_WORK TO BE COMPLETED_
Whenever the word "STEP" turns up in a line below, that line should be copied.

_INPUT_
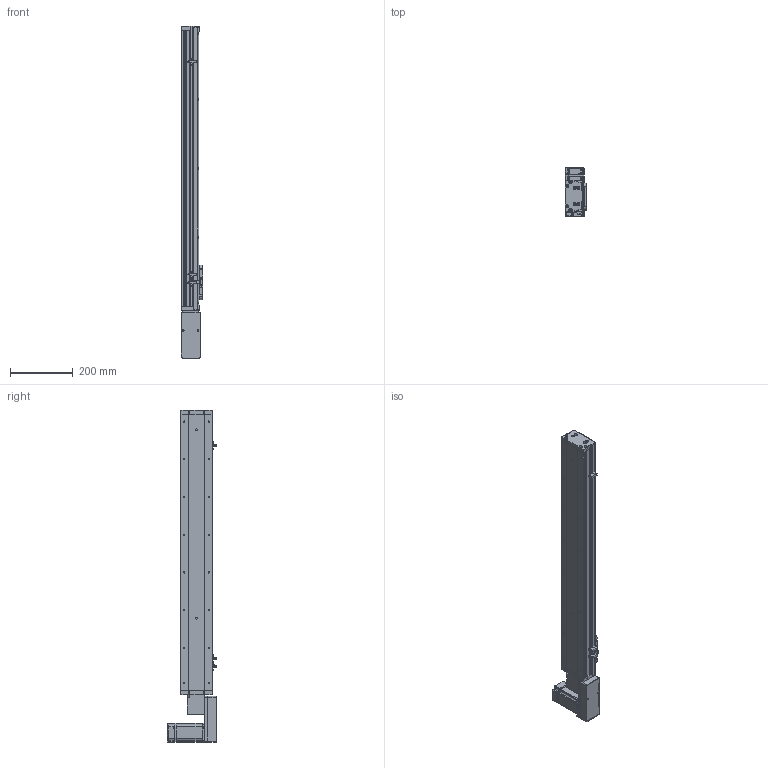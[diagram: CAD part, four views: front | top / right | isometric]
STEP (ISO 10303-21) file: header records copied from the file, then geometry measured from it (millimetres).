
FILE_DESCRIPTION (( 'STEP AP214' ), '1' );
FILE_NAME ('KSD100B-S700-MRB-CR.STEP', '2019-09-07T09:04:51', ( '微软用户' ), ( '微软中国' ), 'SwSTEP 2.0', 'SolidWorks 2014', '' );
FILE_SCHEMA (( 'AUTOMOTIVE_DESIGN' ));
Length unit declared in the file: millimetre
Products named in the file (15): MHMD042G1CA_2_03; 悵誘欶奻狟殏; 100宽马达安装板连板上下折丝杆同步带; U倰嫖萇EEㄜSX672; 感应片100宽全封闭; 100宽马达安装板同步带右; 100遵鎮湛假蚾啣蜊; 100宽端板同步带全封闭; 100宽滚珠螺姆安装板1防护罩; 100宽滚珠螺姆安装板1; 100遵裔啣揤啣; 100遵裔啣700俴最; 100宽侧板700行程同步带; 100宽底板全封闭700行程同步带; KSD100B-S700-MRB-CR
Assembly tree (18 placements, depth 2):
  KSD100B-S700-MRB-CR
    100宽底板全封闭700行程同步带
    100宽侧板700行程同步带  x2
    100遵裔啣700俴最
    100遵裔啣揤啣  x2
    100宽滚珠螺姆安装板1
    100宽滚珠螺姆安装板1防护罩
    100宽端板同步带全封闭
    100遵鎮湛假蚾啣蜊
    100宽马达安装板同步带右
    感应片100宽全封闭
    U倰嫖萇EEㄜSX672  x3
    100宽马达安装板连板上下折丝杆同步带
    悵誘欶奻狟殏
    MHMD042G1CA_2_03
Bounding box: 70 x 156.2 x 1057 mm (x, y, z)
Volume: 1969208.7 mm3; surface area: 884820.3 mm2
Topology: 17 solids, 18 shells, 1737 faces, 4844 edges, 3111 vertices
Faces by surface type: cylinder 773, plane 733, cone 211, bspline 20
Entity records: 61532 total; most frequent: CARTESIAN_POINT 9360, DIRECTION 8418, ORIENTED_EDGE 7780, EDGE_CURVE 3962, AXIS2_PLACEMENT_3D 3035, VERTEX_POINT 2629, VECTOR 2348, LINE 2348

_FINISHED TASK_
STEP (ISO 10303-21) file: header records copied from the file, then geometry measured from it (millimetres).
FILE_DESCRIPTION (( 'STEP AP214' ), '1' );
FILE_NAME ('KSD100B-S700-MRB-CR.STEP', '2019-09-07T09:04:51', ( '微软用户' ), ( '微软中国' ), 'SwSTEP 2.0', 'SolidWorks 2014', '' );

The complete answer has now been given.